==== EXERCISE DATA ====

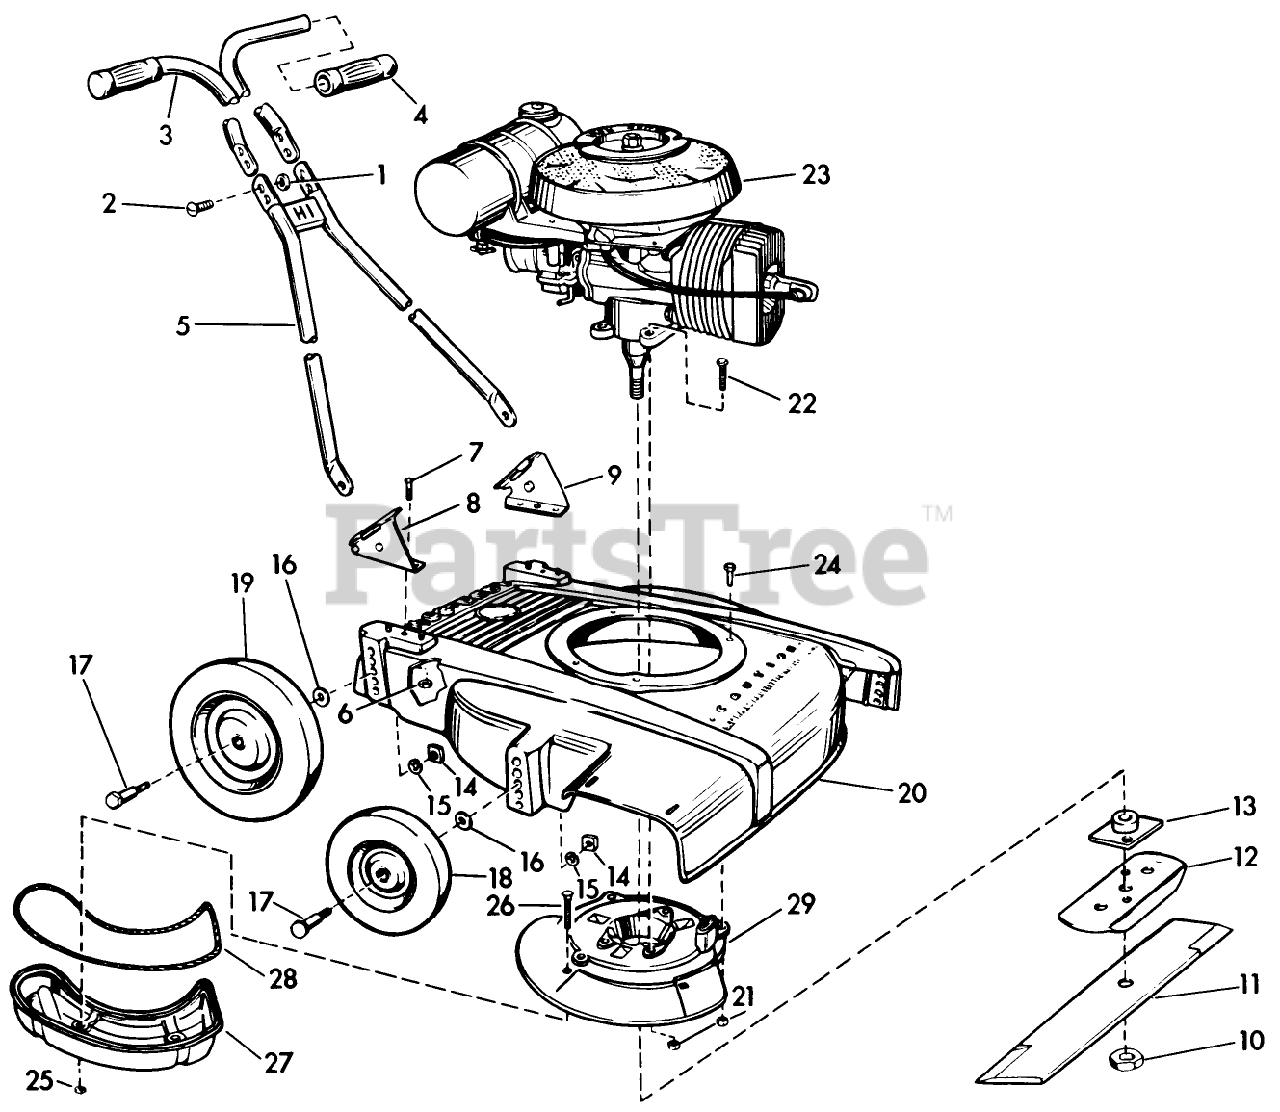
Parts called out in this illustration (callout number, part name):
1	STOP NUT
10	NUT-BLADE
11	Blade-18"
13	Collar and Plate Assembly
15	WASHER, LOCK
20	Housing-18"
25	LOCKNUT E
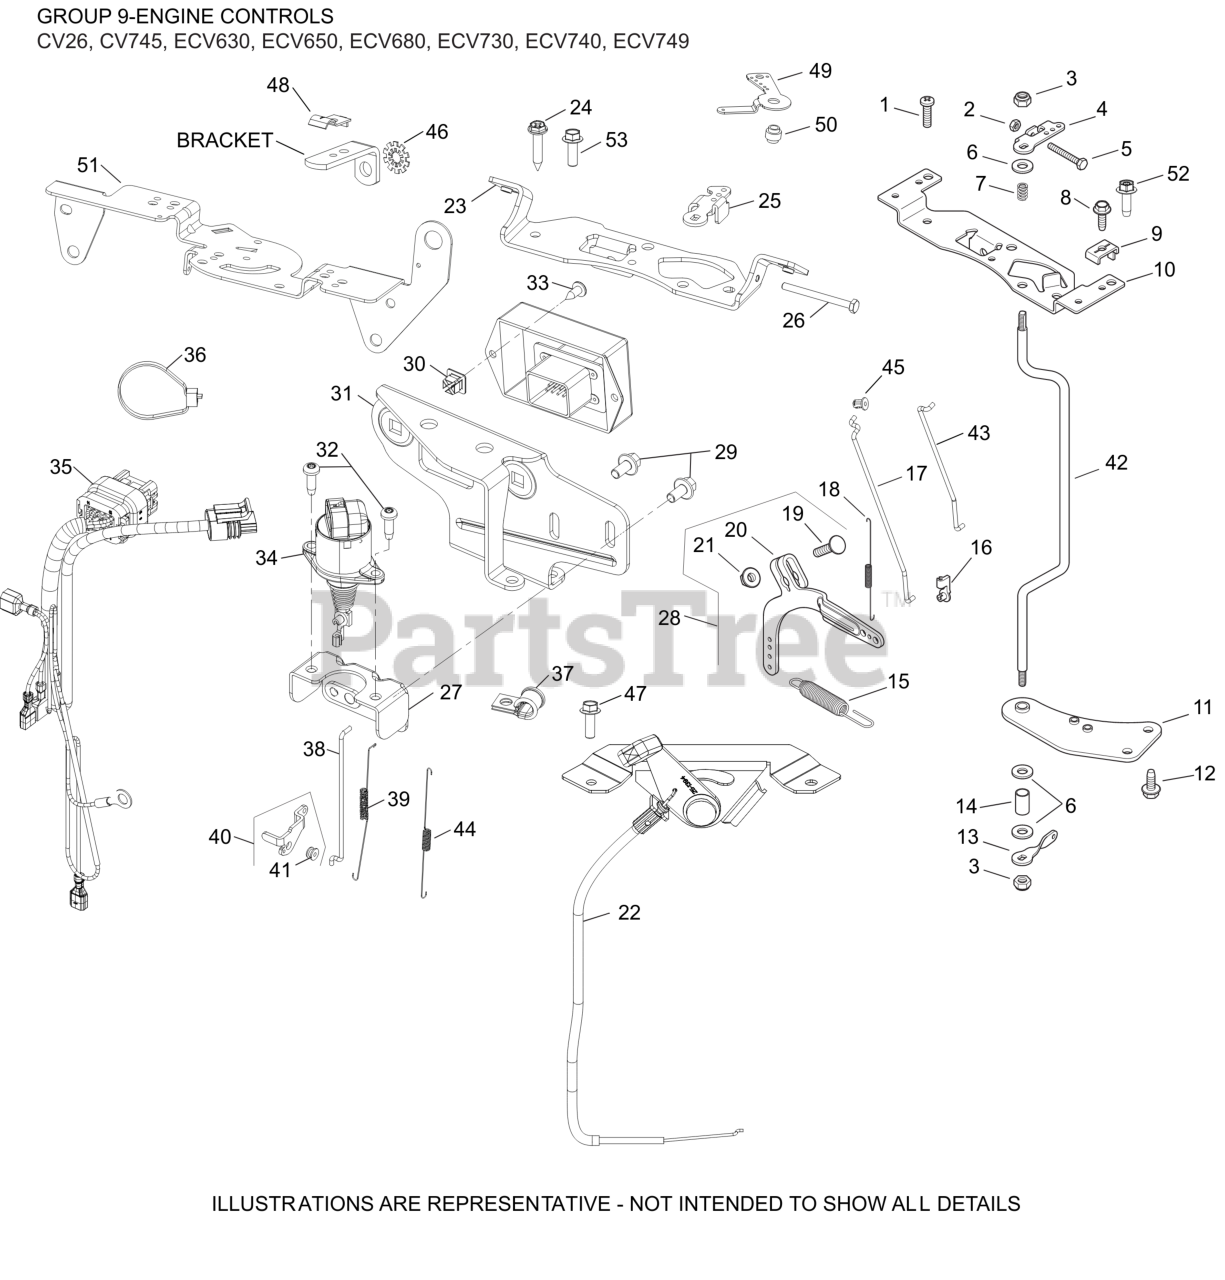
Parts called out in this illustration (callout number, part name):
3	NUT, LOCK M6X1.0
6	WASHER, FLAT 1/4"
7	SPRING, THROTTLE SHAFT
9	CLAMP, CABLE
11	BRACKET, THROTTLE SHAFT
12	SCREW, THREAD FORMING
13	LEVER, THROTTLE CONTROL
15	SPRING, GOVERNOR (GREEN)
16	BUSHING, THROTTLE LINKAGE
17	LINKAGE, THROTTLE
18	SPRING, LINKAGE
19	BOLT, RD HD SQ NECK M6X1.0X25
20	LEVER, GOVERNOR - (#2409069S)
21	NUT, FLG M6X1.0
23	BRACKET, CONTROL
25	LEVER, THROTTLE CONTROL
26	SCREW, HEX HEAD
28	LEVER, GOVERNOR ASSEMBLY
42	THROTTLE CONTROL SHAFT
46	WASHER,INT EXT TOOTH LOCK 1/4"
53	SCREW, HI-LOW
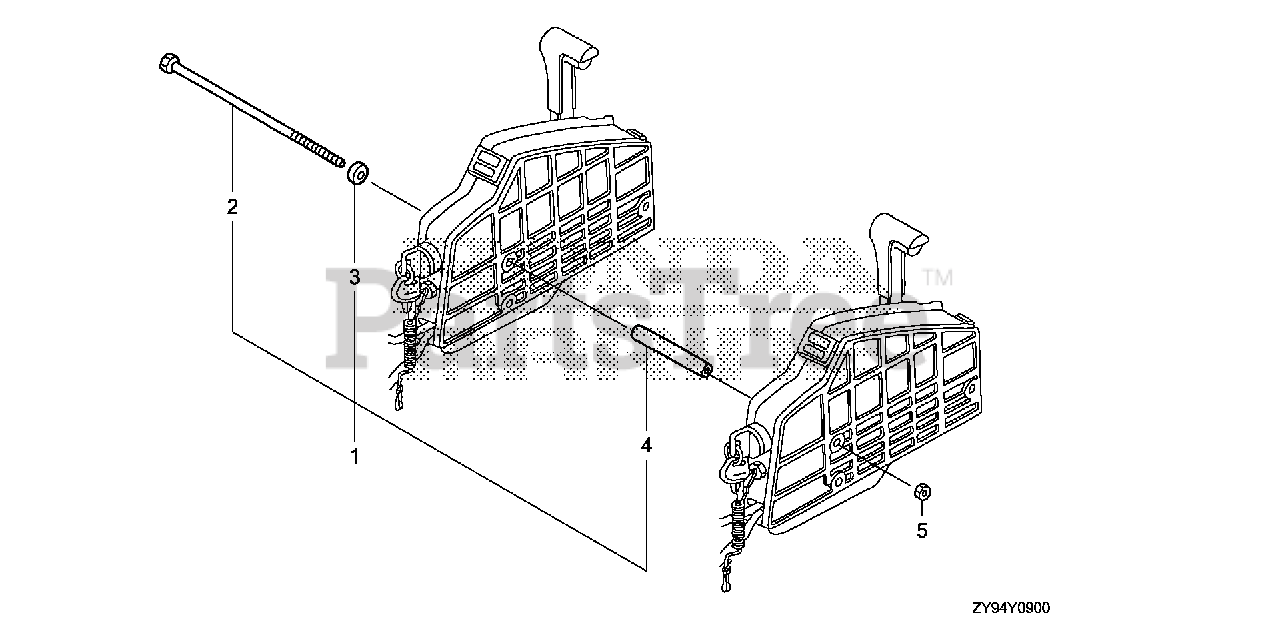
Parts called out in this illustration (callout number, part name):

====

Pictures are to be left out; all else in the entries above is to be quoted exactly.

Parts called out in this illustration (callout number, part name):
1	STOP NUT
10	NUT-BLADE
11	Blade-18"
13	Collar and Plate Assembly
15	WASHER, LOCK
20	Housing-18"
25	LOCKNUT E
Parts called out in this illustration (callout number, part name):
3	NUT, LOCK M6X1.0
6	WASHER, FLAT 1/4"
7	SPRING, THROTTLE SHAFT
9	CLAMP, CABLE
11	BRACKET, THROTTLE SHAFT
12	SCREW, THREAD FORMING
13	LEVER, THROTTLE CONTROL
15	SPRING, GOVERNOR (GREEN)
16	BUSHING, THROTTLE LINKAGE
17	LINKAGE, THROTTLE
18	SPRING, LINKAGE
19	BOLT, RD HD SQ NECK M6X1.0X25
20	LEVER, GOVERNOR - (#2409069S)
21	NUT, FLG M6X1.0
23	BRACKET, CONTROL
25	LEVER, THROTTLE CONTROL
26	SCREW, HEX HEAD
28	LEVER, GOVERNOR ASSEMBLY
42	THROTTLE CONTROL SHAFT
46	WASHER,INT EXT TOOTH LOCK 1/4"
53	SCREW, HI-LOW
Parts called out in this illustration (callout number, part name):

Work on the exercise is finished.